Well what I really need input on is the best way to present the most milestones with the least bandwidth.

My suggestion would be to have a graphic and overlay it with say 5 names + milestones per display.  A cookie would count which display someone was on.

So the top milestones don't get all the air play, you would start from that day's milestones at a random place in the database and increment from there.  This way everybody gets some exposure to someone at some point.

Also there would have to be a cut-off of some kind.  I'm thinking 1M but I have to research that with bok.  We might be able to go as low as 100k or 500k depending on how many are in each range on average per day.

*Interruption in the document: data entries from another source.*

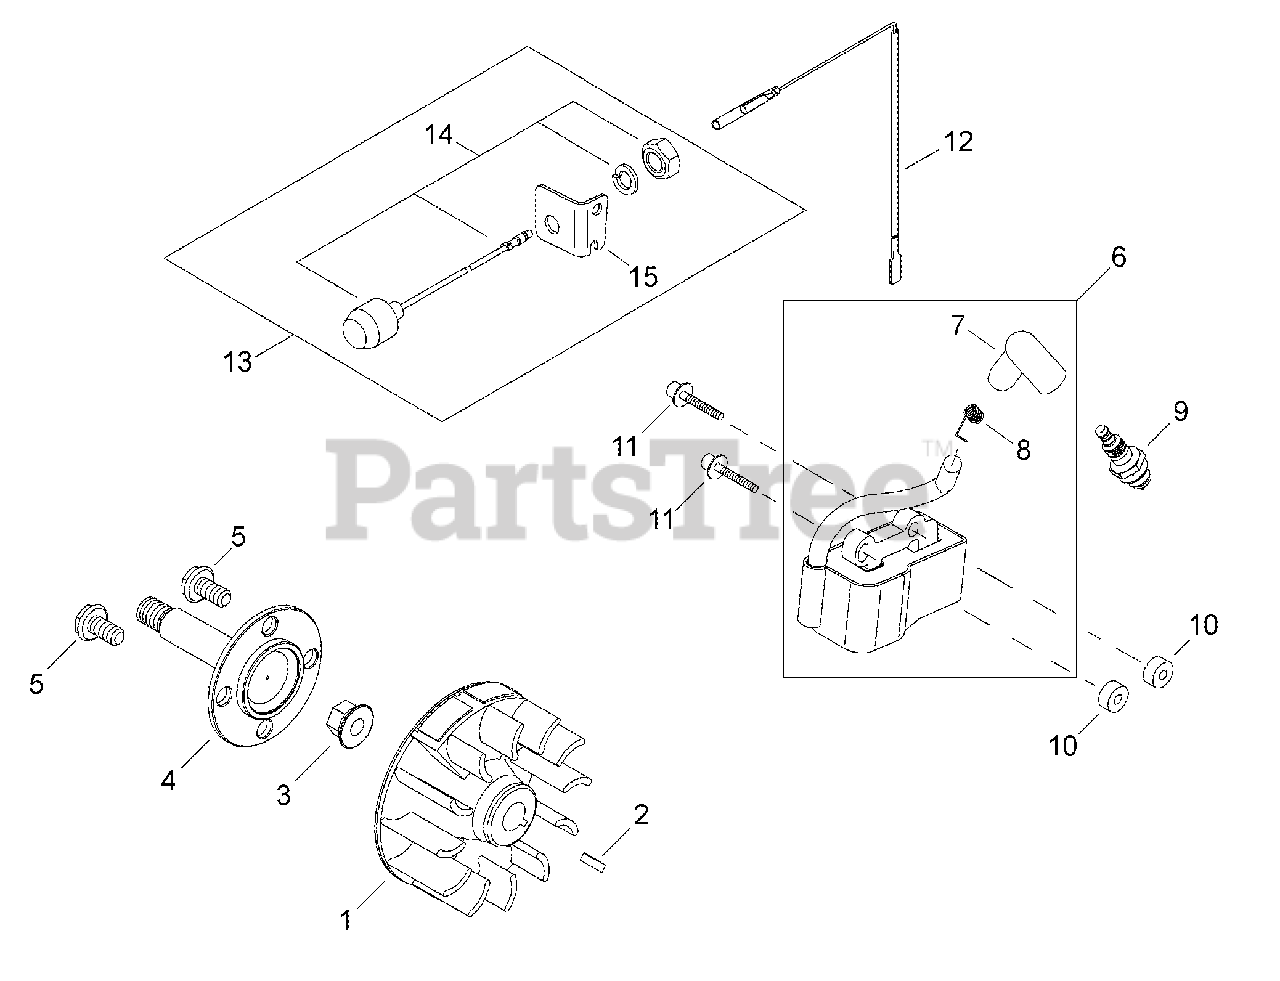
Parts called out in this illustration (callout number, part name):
1	FLYWHEEL Ø95
2	KEY, WOODRUFF 3×10
3	NUT M8
4	SHAFT, PUMP
5	BOLT, FLANGE M8×16
6	COIL ASSY, IGNITION
7	CAP, SPARK PLUG
8	TERMINAL, SPARK PLUG
9	SPARK PLUG - CMR5H
10	INSULATOR 4.2×11×6
11	BOLT M4×26
12	LEAD - IGNITION L= 220 MM
13	SWITCH ASSY, STOP W/BRACKET
14	SWITCH ASSY, STOP
15	BRACKET

In addition to giving recognition where it is due, I think it will help popularize Free-DC since there's nothing like that on boinc stats.  and with stats and stones now history, it's basically down to those 2 sites.


----------



## HammerON (Mar 29, 2011)

Interesting idea. I like it, but it is way beyond anything I can offer in advice
Thanks for thinking "outside the box"


----------



## Chicken Patty (Mar 29, 2011)

Twilyth,

Your idea sounds good to me, I'm on the same boat as hammer.  Have you tries proposing that yet, or you are waiting on more feedback?


----------



## twilyth (Mar 29, 2011)

Chicken Patty said:


> Twilyth,
> 
> Your idea sounds good to me, I'm on the same boat as hammer.  Have you tries proposing that yet, or you are waiting on more feedback?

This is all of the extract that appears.